Somehow we have allowed the Right to talk us into believing that we are under no obligation to help people we don’t like. Indeed, the Right feels particularly resentful at the government forcing them to contribute people and causes which they regard as “charity.”
As with the heckled man with Parkinson’ cited above, they are furious that the government wants more from them than they feel willing to give (although if their private generosity were sufficient, the man wouldn’t be protesting). And, it infuriates them no end to feel forced to give charity to people they feel are “undeserving” or whom they don’t regard as “real Americans.”
However solidarity is not an act of charity but an act of unity between citizens, equals and allies.

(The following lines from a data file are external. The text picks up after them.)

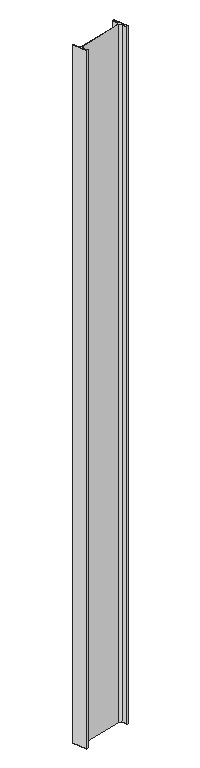
Revit family "M_M-Flanges extensas mistas-Coluna", category Pilares estruturais, Revit 2019
Family settings
  Forma do corte = Não definido
  Material para o comportamento do modelo = Aço
  Exportar sempre como geometria = Não
  Redução da viga na planta = Da caixa de vinculação
  Número OmniClass = 23.25.30.11.14.11
  Título OmniClass = Columns
  ID de item do Seek = M-Miscellaneous Wide Flange-Column-0000-CAN-ENU
  Corte com vazios quando carregada = Não
  Representação simbólica = Das configurações de projeto
  Compartilhado = Não
  Exibir o pré-corte da família na vista da planta = Sim
Parameters (values of type "M200X9.7")
  W = 0.095
  Structural Material [instance] = Aço, 45-345
  Assembly Code = ""
  bf = 57.9 mm
  d = 203 mm
  k = 14 mm
  kr = k - tf  # 9 mm
  tf = 5 mm
  tw = 3.4 mm
  A = 0.001 m²
Types (2, lengths in mm): name | W | bf | d | tw | A
  M310X16.1 | 0.158 | 77.9 | 304 | 4.1 | 0.00205 m²
  M200X9.7 | 0.095 | 57.9 | 203 | 3.4 | 0.001 m²
Reference planes
  plane 1: y = 0
  plane 2: z = 0
  plane 3: x = 0
  plane 4: x = -28.95
  plane 5: x = 28.95
  plane 6: y = 101.5
  plane 7: y = -101.5
  plane 8: x = -3.969
  plane 9: x = 3.969
Forms (mm)
  Extrusion 1, solid, material "Aço, 45-345" <- "Structural Material", detail levels medium
    sketch origin (0, 0, 0) x (1, 0, 0) y (0, 1, 0)
      loop
        line (-28.95, 101.5) -> (-28.95, 96.5) -> (-1.7, 96.5) -> (-1.7, -96.5) -> (-28.95, -96.5) -> (-28.95, -101.5) -> (28.95, -101.5) -> (28.95, -96.5) -> (1.7, -96.5) -> (1.7, 96.5) -> (28.95, 96.5) -> (28.95, 101.5) -> (-28.95, 101.5)
    from 0 to 2500
  Extrusion 2, solid, material "Aço, 45-345" <- "Structural Material", detail levels fine
    sketch origin (0, 0, 0) x (1, 0, 0) y (0, 1, 0)
      loop
        line (-28.95, 101.5) -> (-28.95, 96.5) -> (-10.7, 96.5)
        arc (-10.7, 96.5) -> (-4.336, 93.864) -> (-1.7, 87.5) r 9
        line (-1.7, 87.5) -> (-1.7, -87.5)
        arc (-1.7, -87.5) -> (-4.336, -93.864) -> (-10.7, -96.5) r 9
        line (-10.7, -96.5) -> (-28.95, -96.5) -> (-28.95, -101.5) -> (28.95, -101.5) -> (28.95, -96.5) -> (10.7, -96.5)
        arc (10.7, -96.5) -> (4.336, -93.864) -> (1.7, -87.5) r 9
        line (1.7, -87.5) -> (1.7, 87.5)
        arc (1.7, 87.5) -> (4.336, 93.864) -> (10.7, 96.5) r 9
        line (10.7, 96.5) -> (28.95, 96.5) -> (28.95, 101.5) -> (-28.95, 101.5)
    from 0 to 2500
Lines and regions (mm)
  symbolic lines, style "StructuralColumnStickSymbols", detail levels coarse
    curve 1: line (-28.95, 101.5, 0) -> (28.95, 101.5, 0)
    curve 2: line (-28.95, -101.5, 0) -> (28.95, -101.5, 0)
    curve 3: line (0, 101.5, 0) -> (0, -101.5, 0)
  symbolic lines, style "Faces ocultas", detail levels medium+fine
    curve 4: line (-3.969, 0, 0) -> (-3.969, 0, 2500)
    curve 5: line (3.969, 0, 2500) -> (3.969, 0, 0)
Dimensions and locks
  equal spacing: plane 4, plane 3, plane 5
  equal spacing: plane 7, plane 1, plane 6
  "d": plane 7 to plane 6
  "bf": plane 4 to plane 5
  "tf": plane 7 to Extrusion 1 sketch curve
  "tf": Extrusion 1 sketch curve to plane 6
  equal spacing: Extrusion 1 sketch curve, plane 3, Extrusion 1 sketch curve
  "tw": Extrusion 1 sketch curve to Extrusion 1 sketch curve
  "kr": radius of Extrusion 2 sketch curve  (x4)
  aligned and locked: plane 6 to Extrusion 1 sketch curve
  aligned and locked: Extrusion 1 sketch curve to plane 7
  aligned and locked: Extrusion 1 sketch curve to plane 4  (x2)
  aligned and locked: plane 5 to Extrusion 1 sketch curve  (x2)
  aligned and locked: Extrusion 1 sketch curve to Extrusion 1 sketch curve  (x2)
  aligned and locked: level to Extrusion 1
  aligned and locked: level to plane 2
  aligned and locked: Extrusion 1 to plane 2
  aligned and locked: plane 6 to Extrusion 2 sketch curve
  aligned and locked: plane 5 to Extrusion 2 sketch curve  (x2)
  aligned and locked: Extrusion 2 sketch curve to plane 4  (x2)
  aligned and locked: Extrusion 2 sketch curve to Extrusion 1  (x6)
  aligned and locked: Extrusion 2 sketch curve to plane 7
  aligned and locked: level to Extrusion 2
  aligned and locked: Extrusion 2 to level
Automatic sketch dimensions
  curve 2 to plane 4 = 0 mm
  curve 1 to plane 4 = 0 mm
  curve 3 to plane 3 = 0 mm
  curve 2 to plane 5 = 0 mm
  curve 1 to plane 5 = 0 mm
  curve 3 to plane 7 = 0 mm
  curve 3 to plane 6 = 0 mm
  curve 4 to level = 0 mm  (x2)
  curve 4 to plane 8 = 0 mm
  curve 5 to level = 0 mm  (x2)
  curve 5 to plane 9 = 0 mm
Types in the file's own list only (10): name | W | bf | d | k | kr | tw | A
  M310X17.6 | 0.172 | 78 mm | 305 mm | 14 mm | 9 mm | 5 mm | 0.00 m²
  M310X14.9 | 0.146 | 83 mm | 304 mm | 12 mm | 7 mm | 4 mm | 0.00 m²
  M250X13.4 | 0.131 | 68 mm | 254 mm | 14 mm | 9 mm | 4 mm | 0.00 m²
  M250X11.9 | 0.117 | 68 mm | 253 mm | 13 mm | 8 mm | 4 mm | 0.00 m²
  M250X11.2 | 0.109 | 68 mm | 254 mm | 11 mm | 6 mm | 3 mm | 0.00 m²
  M200X9.2 | 0.091 | 58 mm | 203 mm | 10 mm | 5 mm | 3 mm | 0.00 m²
  M150X6.6 | 0.064 | 47 mm | 152 mm | 9 mm | 4 mm | 3 mm | 0.00 m²
  M150X5.5 | 0.054 | 51 mm | 150 mm | 8 mm | 3 mm | 3 mm | 0.00 m²
  M130X28.1 | 0.276 | 127 mm | 127 mm | 22 mm | 17 mm | 8 mm | 0.00 m²
  M100X8.9 | 0.088 | 97 mm | 97 mm | 13 mm | 8 mm | 3 mm | 0.00 m²
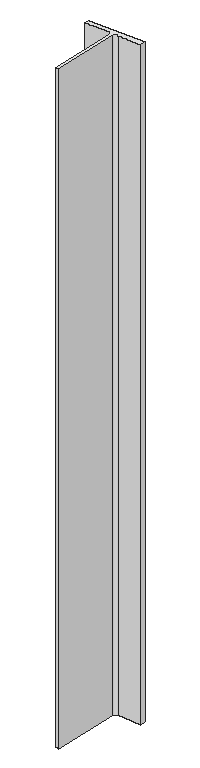
Revit family "M_WT Formas-Coluna", category Pilares estruturais, Revit 2019 (continued)
Types in the file's own list only (272): name | Largura | Espessura da teia | Concordância da teia | Constante da empena | Momento de inércia de torção | Chave do nome do corte | Área de corte | Eixo fraco do módulo plástico | Eixo forte do módulo plástico | Peso nominal | Eixo fraco do momento de inércia | Eixo forte do momento de inércia | Altura | Espessura do flange | Eixo fraco do módulo de elasticidade | Eixo forte do módulo de elasticidade | Centróide vertical | Centróide horizontal | Espaçamento do parafuso
  WT230X53 | 194.00 mm | 12.60 mm | 10.10 mm | 1060000000.0 mm6 | 724000.00 mm4 | WT9X35.5 | 6710.0 mm² | 202000.0 mm³ | 328000.0 mm³ | 53.00 kgf/m | 12500000.00 mm4 | 32500000.00 mm4 | 235.00 mm | 20.60 mm | 129000.0 mm³ | 184000.0 mm³ | 177.60 mm | 97.00 mm | 88.90 mm
  WT230X48.5 | 193.00 mm | 11.40 mm | 10.10 mm | 808000000.0 mm6 | 566000.00 mm4 | WT9X32.5 | 6160.0 mm² | 184000.0 mm³ | 295000.0 mm³ | 48.50 kgf/m | 11400000.00 mm4 | 29400000.00 mm4 | 233.00 mm | 19.10 mm | 118000.0 mm³ | 166000.0 mm³ | 177.10 mm | 96.50 mm | 88.90 mm
  WT230X44.5 | 192.00 mm | 10.50 mm | 10.20 mm | 631000000.0 mm6 | 450000.00 mm4 | WT9X30 | 5690.0 mm² | 169000.0 mm³ | 270000.0 mm³ | 44.50 kgf/m | 10400000.00 mm4 | 26900000.00 mm4 | 232.00 mm | 17.70 mm | 109000.0 mm³ | 152000.0 mm³ | 177.10 mm | 96.00 mm | 88.90 mm
  WT230X41 | 191.00 mm | 9.91 mm | 10.20 mm | 494000000.0 mm6 | 345000.00 mm4 | WT9X27.5 | 5230.0 mm² | 152000.0 mm³ | 251000.0 mm³ | 41.00 kgf/m | 9370000.00 mm4 | 24800000.00 mm4 | 230.00 mm | 16.00 mm | 97800.0 mm³ | 141000.0 mm³ | 175.10 mm | 95.50 mm | 88.90 mm
  WT230X37 | 191.00 mm | 9.02 mm | 10.20 mm | 365000000.0 mm6 | 258000.00 mm4 | WT9X25 | 4740.0 mm² | 136000.0 mm³ | 226000.0 mm³ | 37.00 kgf/m | 8320000.00 mm4 | 22300000.00 mm4 | 229.00 mm | 14.50 mm | 87700.0 mm³ | 128000.0 mm³ | 175.20 mm | 95.50 mm | 88.90 mm
  WT230X34 | 154.00 mm | 9.14 mm | 10.30 mm | 322000000.0 mm6 | 253000.00 mm4 | WT9X23 | 4370.0 mm² | 95700.0 mm³ | 228000.0 mm³ | 34.00 kgf/m | 4700000.00 mm4 | 21700000.00 mm4 | 229.00 mm | 15.40 mm | 60800.0 mm³ | 127000.0 mm³ | 169.80 mm | 77.00 mm | 88.90 mm
  WT230X30 | 153.00 mm | 8.00 mm | 10.20 mm | 212000000.0 mm6 | 168000.00 mm4 | WT9X20 | 3790.0 mm² | 81400.0 mm³ | 197000.0 mm³ | 30.00 kgf/m | 3980000.00 mm4 | 18600000.00 mm4 | 227.00 mm | 13.30 mm | 51900.0 mm³ | 110000.0 mm³ | 168.80 mm | 76.50 mm | 88.90 mm
  WT230X26 | 152.00 mm | 7.62 mm | 10.20 mm | 161000000.0 mm6 | 105000.00 mm4 | WT9X17.5 | 3320.0 mm² | 65900.0 mm³ | 184000.0 mm³ | 26.00 kgf/m | 3190000.00 mm4 | 16700000.00 mm4 | 225.00 mm | 10.80 mm | 42000.0 mm³ | 102000.0 mm³ | 164.30 mm | 76.00 mm | 88.90 mm
  WT205X74.5 | 264.00 mm | 14.90 mm | 10.30 mm | 2790000000.0 mm6 | 1600000.00 mm4 | WT8X50 | 9480.0 mm² | 449000.0 mm³ | 339000.0 mm³ | 74.50 kgf/m | 38800000.00 mm4 | 32000000.00 mm4 | 216.00 mm | 25.00 mm | 293000.0 mm³ | 187000.0 mm³ | 171.30 mm | 132.00 mm | 139.70 mm
  WT205X66 | 264.00 mm | 13.30 mm | 10.30 mm | 1930000000.0 mm6 | 1130000.00 mm4 | WT8X44.5 | 8450.0 mm² | 393000.0 mm³ | 297000.0 mm³ | 66.00 kgf/m | 33800000.00 mm4 | 28000000.00 mm4 | 213.00 mm | 22.20 mm | 257000.0 mm³ | 166000.0 mm³ | 169.80 mm | 132.00 mm | 139.70 mm
  WT205X57 | 262.00 mm | 11.60 mm | 10.20 mm | 1240000000.0 mm6 | 741000.00 mm4 | WT8X38.5 | 7290.0 mm² | 336000.0 mm³ | 251000.0 mm³ | 57.00 kgf/m | 28800000.00 mm4 | 23700000.00 mm4 | 210.00 mm | 19.30 mm | 220000.0 mm³ | 141000.0 mm³ | 168.60 mm | 131.00 mm | 139.70 mm
  WT205X50 | 259.00 mm | 10.00 mm | 10.30 mm | 808000000.0 mm6 | 495000.00 mm4 | WT8X33.5 | 6330.0 mm² | 290000.0 mm³ | 213000.0 mm³ | 50.00 kgf/m | 24800000.00 mm4 | 20200000.00 mm4 | 208.00 mm | 16.90 mm | 190000.0 mm³ | 121000.0 mm³ | 168.40 mm | 129.50 mm | 139.70 mm
  WT205X42.5 | 181.00 mm | 10.90 mm | 10.20 mm | 534000000.0 mm6 | 458000.00 mm4 | WT8X28.5 | 5410.0 mm² | 154000.0 mm³ | 226000.0 mm³ | 42.50 kgf/m | 8990000.00 mm4 | 20300000.00 mm4 | 209.00 mm | 18.20 mm | 99300.0 mm³ | 127000.0 mm³ | 159.70 mm | 90.50 mm | 88.90 mm
  WT205X37.5 | 180.00 mm | 9.65 mm | 10.20 mm | 360000000.0 mm6 | 316000.00 mm4 | WT8X25 | 4750.0 mm² | 134000.0 mm³ | 197000.0 mm³ | 37.50 kgf/m | 7740000.00 mm4 | 17600000.00 mm4 | 207.00 mm | 16.00 mm | 86200.0 mm³ | 111000.0 mm³ | 159.00 mm | 90.00 mm | 88.90 mm
  WT205X33.5 | 179.00 mm | 8.76 mm | 10.20 mm | 262000000.0 mm6 | 231000.00 mm4 | WT8X22.5 | 4280.0 mm² | 118000.0 mm³ | 177000.0 mm³ | 33.50 kgf/m | 6830000.00 mm4 | 15700000.00 mm4 | 205.00 mm | 14.40 mm | 76500.0 mm³ | 100000.0 mm³ | 157.80 mm | 89.50 mm | 88.90 mm
  WT205X30 | 178.00 mm | 7.75 mm | 10.20 mm | 181000000.0 mm6 | 165000.00 mm4 | WT8X20 | 3800.0 mm² | 104000.0 mm³ | 155000.0 mm³ | 30.00 kgf/m | 5990000.00 mm4 | 13800000.00 mm4 | 203.00 mm | 12.80 mm | 67500.0 mm³ | 87700.0 mm³ | 157.00 mm | 89.00 mm | 88.90 mm
  WT205X26.5 | 178.00 mm | 7.49 mm | 10.20 mm | 139000000.0 mm6 | 113000.00 mm4 | WT8X18 | 3410.0 mm² | 88800.0 mm³ | 146000.0 mm³ | 26.50 kgf/m | 5080000.00 mm4 | 12700000.00 mm4 | 201.00 mm | 10.90 mm | 57400.0 mm³ | 82800.0 mm³ | 153.20 mm | 89.00 mm | 88.90 mm
  WT205X23.05 | 140.00 mm | 6.99 mm | 10.20 mm | 98300000.0 mm6 | 95700.00 mm4 | WT8X15.5 | 2940.0 mm² | 57500.0 mm³ | 136000.0 mm³ | 23.10 kgf/m | 2580000.00 mm4 | 11400000.00 mm4 | 202.00 mm | 11.20 mm | 36700.0 mm³ | 76000.0 mm³ | 150.70 mm | 70.00 mm | 88.90 mm
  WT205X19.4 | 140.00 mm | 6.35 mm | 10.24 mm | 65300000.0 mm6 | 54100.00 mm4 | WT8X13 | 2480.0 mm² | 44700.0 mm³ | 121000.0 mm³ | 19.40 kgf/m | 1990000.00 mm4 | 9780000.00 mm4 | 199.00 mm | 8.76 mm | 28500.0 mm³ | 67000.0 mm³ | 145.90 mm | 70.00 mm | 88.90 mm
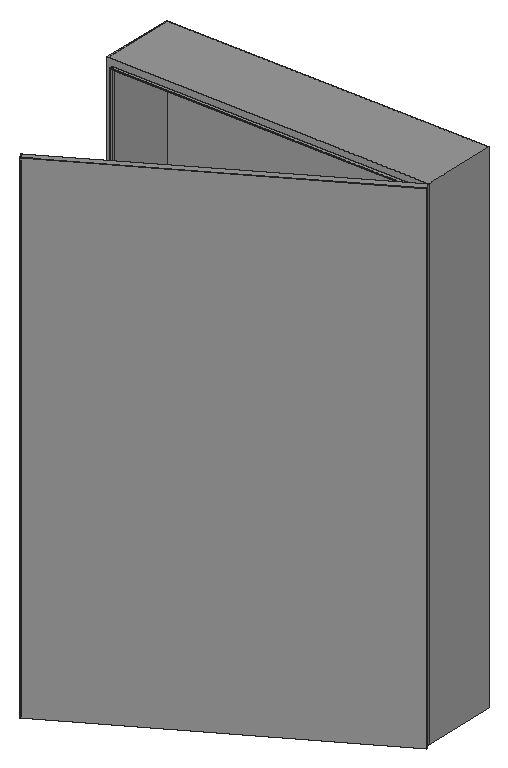
Revit family "Hager-Univers-IP54-D205-H1250-Cl.II-Encl-NoHosted-PL-en", category Equipement électrique, Revit 2020
Family settings
  Configuration du panneau = Deux colonnes, circuits au sein
  Cote de connecteur circulaire = Utiliser le diamètre
  Type d'élément = Tableau de raccordement
  Basée sur le plan de construction = Oui
  Toujours verticalement = Oui
  Couper avec des vides une fois chargée = Non
  Partagée = Non
  Point de calcul de pièce = Non
Parameters (values of type "Surface mounted (plaster) IP54 W800 H1250 D205  - FP83SW2")
  Width Control [instance] = if([EF000008 - Width] > Min Width, [EF000008 - Width], Min Width)  # 800 mm
  Commentaires du type = [HG000003 - Range]  # "Univers"
  Thickness Door [instance] = if([EF009171 - Material plate thickness door/cover] > 3 mm, 3 mm, [EF009171 - Material plate thickness door/cover])  # 1 mm
  Seal Frame Offset [instance] = 17 mm  # constant formula
  Plinth Visibility [instance] = [HG000027 - Plinth height] > 0 mm  # no
  Min Width [instance] = 100 mm  # constant formula
  Min Depth [instance] = (2 * [EF009170 - Material plate thickness cabinet]) + 1 mm  # 3 mm
  Min Height [instance] = 100 mm  # constant formula
  Internal Frame Depth [instance] = (Door System Depth * 0.5)  # 9 mm
  Panel Name [instance] = ""  # (empty or 0)
  Model = ""
  HG000027 - Plinth height = 0 mm
  HG000026 - Floor standing = no
  HG000024 - Bottom section height = 600 mm
  HG000023 - Double section enclosure = no
  HG000016 - Door 3d visibility [instance] = yes
  HG000015 - Clearance visibility [instance] = no
  HG000014 - Door on the right [instance] = yes
  HG000013 - Door on the left [instance] = not([HG000014 - Door on the right])  # no
  HG000012 - Door swing angle [instance] = 30.00°
  HG000010 - Asymmetric doors = no
  HG000009 - Double swing door = no
  HG000006 - Flush mounted = no
  HG000004 - Manufacturer reference = "FP83SW2"
  HG000003 - Range = "Univers"
  HG000002 - With door or cover = yes
  Frame Offset Bottom [instance] = 10 mm  # constant formula
  Frame Offset [instance] = 15 mm  # constant formula
  EF015940 - Cover with overpressure release = no
  EF011959 - Degree of protection (NEMA) = ""
  EF009554 - Number of openings for flange plates = 6
  EF009212 - Cover model = "EV000116 - Closed"
  EF009171 - Material plate thickness door/cover = 1 mm
  EF009170 - Material plate thickness cabinet = 1 mm
  EF008873 - Nominal current (In) = 250 A
  EF007800 - Suitable for lightning protection = no
  EF006306 - With lock = no
  EF006244 - Transparent cover/door = no
  EF005474 - Degree of protection (IP) = "EV006419 - IP54"
  EF004464 - Type of door = "EV002646 - Single"
  EF004427 - Number of modules = 288
  EF004293 - Impact strength = "EV006813 - IK07"
  EF003532 - Suitable for outdoor use = no
  EF002950 - Width in number of modular spacings = 36
  EF001613 - Circuit integrity = "EV000494 - None"
  EF001596 - Material housing = "EV000179 - Steel"
  EF001131 - Internal depth = 130 mm
  EF001088 - Extension possible = yes
  EF000437 - Number of conduit inlets = 6
  EF000339 - Type of cover = "EV004216 - Door"
  EF000266 - Number of rows = 8
  EF000218 - Built-in depth = 205 mm
  EF000118 - With mounting plate = no
  EF000116 - RAL-number = "9010"
  EF000049 - Depth = 205 mm
  EF000040 - Height = 1250 mm
  EF000008 - Width = 800 mm
  EF000007 - Colour = "EV000202 - White"
  EF000003 - Mounting method = "EV000384 - Surface mounted (plaster)"
  Door System Leaf Tolerance [instance] = 1.5 mm  # constant formula
  Door System Depth [instance] = 18 mm  # constant formula
  Door Height [instance] = Height Control - [HG000027 - Plinth height]  # 1250 mm
  Description = ""
  Default Elevation = 1219.2 mm
  Connector Offset [instance] = Height Control / 2  # 625 mm
  Fabricant = "Hager"  # constant formula
  Height Control [instance] = if([EF000040 - Height] > Min Height, [EF000040 - Height], Min Height)  # 1250 mm
  Depth Control [instance] = if([EF000049 - Depth] > Min Depth, [EF000049 - Depth], Min Depth)  # 205 mm
  Bottom Top Plate Trim [instance] = 1.5 mm  # constant formula
  Plinth height Ctrl [instance] = if([HG000027 - Plinth height] > 0 mm, [HG000027 - Plinth height], 12 mm)  # 12 mm
Types (5, lengths in mm): name | Width Control | HG000010 - Asymmetric doors | HG000009 - Double swing door | HG000004 - Manufacturer reference | EF009554 - Number of openings for flange plates | EF004464 - Type of door | EF004427 - Number of modules | EF004293 - Impact strength | EF002950 - Width in number of modular spacings | EF000437 - Number of conduit inlets | EF000008 - Width
  Surface mounted (plaster) IP54 W1050 H1250 D205  - FP84SW2 | 1050 | no | yes | "FP84SW2" | 8 | "EV003602 - Double" | 384 | "EV006815 - IK09" | 48 | 8 | 1050
  Surface mounted (plaster) IP54 W1300 H1250 D205  - FP85SW2 | 1300 | yes | yes | "FP85SW2" | 10 | "EV003602 - Double" | 480 | "EV006815 - IK09" | 60 | 10 | 1300
  Surface mounted (plaster) IP54 W300 H1250 D205  - FP81SW2 | 300 | no | no | "FP81SW2" | 2 | "EV002646 - Single" | 96 | "EV006815 - IK09" | 12 | 2 | 300
  Surface mounted (plaster) IP54 W550 H1250 D205  - FP82SW2 | 550 | no | no | "FP82SW2" | 4 | "EV002646 - Single" | 192 | "EV006815 - IK09" | 24 | 4 | 550
  Surface mounted (plaster) IP54 W800 H1250 D205  - FP83SW2 | 800 | no | no | "FP83SW2" | 6 | "EV002646 - Single" | 288 | "EV006813 - IK07" | 36 | 6 | 800
Reference planes
  plane 1 "Center (Front/Back)": y = 0
  plane 2: z = 0
  plane 3 "Center (Left/Right)": x = 0
  plane 4: y = 0
  plane 5: y = 0
  plane 6: z = 0
  plane 7: x = -400
  plane 8: x = 400
  plane 9: x = 399
  plane 10: x = -399
  plane 11: z = 0
  plane 12: z = 1
  plane 13: y = -205
  plane 14: y = -1
  plane 15: x = 0
  plane 16: y = -187
  plane 17: y = -204
  plane 18: y = -186
  plane 19: x = -384
  plane 20: x = 384
  plane 21: z = 11
  plane 22: x = -383
  plane 23: x = 383
  plane 24: z = 0
  plane 25: z = 1250
  plane 26: z = 1250
  plane 27: z = 1234
  plane 28: z = 1249
Forms (mm)
  Extrusion 1, solid, material "Hager_Steel_RAL7035_Light_Grey", detail levels medium+fine
    sketch origin (-208.679, -4572, 0) x (-1, 0, 0) y (0, -1, 0)
      loop
        line (191.321, -4385) -> (-608.679, -4385) -> (-608.679, -4572) -> (191.321, -4572) -> (191.321, -4385)
    from 0 to 1250
  Extrusion 2, void
    sketch origin (-350.771, -205, 1219.2) x (1, 0, 0) y (0, 0, 1)
      loop
        line (-48.229, 29.8) -> (-48.229, -1218.2) -> (749.771, -1218.2) -> (749.771, 29.8) -> (-48.229, 29.8)
    from -19 to -204
  Extrusion 3, void
    sketch origin (-290.084, -187, 1219.2) x (1, 0, 0) y (0, 0, 1)
      loop
        line (-93.916, -1208.2) -> (674.084, -1208.2) -> (674.084, 14.8) -> (-93.916, 14.8) -> (-93.916, -1208.2)
    from 0 to -1
  Extrusion 4, solid, material "Hager_Steel_RAL7035_Light_Grey", visible <- "Plinth Visibility", detail levels medium+fine
    sketch origin (0, 0, 0) x (1, 0, 0) y (0, 1, 0)
      loop
        line (-400, 0) -> (-400, -187) -> (400, -187) -> (400, 0) -> (-400, 0)
    from 0 to 12 <- "Plinth height Ctrl"
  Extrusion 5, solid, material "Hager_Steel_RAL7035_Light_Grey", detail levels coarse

Personally, I might not have any particular interest in the city’s multi-million dollar sports arena, and you might not have any particular interest in the offerings of the local PBS station, but I go along with your brand of entertainment and you go along with mine, and we both come out ahead. For a nominal personal contribution, we gain a sense of community spirit and pride, not to mention a stadium that can be used for generations. Unlike solidarity, which is horizontal and takes place between equals, charity is top-down, humiliating to those who receive it, and reinforces unequal power relations.
The framing of questions in order to incite bickering, recrimination and contempt is a time-honored technique of divide and rule. Any attempt to enforce even a nominal level of civility is reviled as “political correctness.” Any attempt to address the many historical grievances that make us hate one another so, is dismissed as “whining” as if there never were any injustices, only selfish people trying to get something for nothing by complaining over things in the past that have been blown out of proportion.
When I first read about a group on the Far Right proposing to “re-translate” the Bible in order to airbrush out the “liberal” empathy, compassion and the social justice parts, I thought it was a joke. Likewise, during Justice Sotomayor’s confirmation hearing, when the Republican Senators opined that “empathy” was a liberal code word and were upset that empathy might be an undesirable quality in a judge, I began to realize that they weren’t kidding. And, now that Glenn Beck is urging his followers to leave their churches if they advocate social justice, community,” “collective responsibility,” “respect for diversity,” or a “truly democratic society,” it has become undeniable that something spiritually unwholesome and deeply unChristian is metastasizing on the Right.
So, when they come at you with their bad faith arguments, their made up facts, their sly digs, their contemptuous needling insults and snarky zingers, they are essentially shutting any substantive discussion down, and attempting to get you to respond in kind. Once they get you to lose your temper and lure you over to their rhetorical dark side, it tends to confirm what they believe all along; namely, that people are selfish, unfeeling and mean, and therefore deserving of nothing.
If they are not decisively defeated at the polls in November I fear that nothing short of civil war will bring them back to good faith bargaining.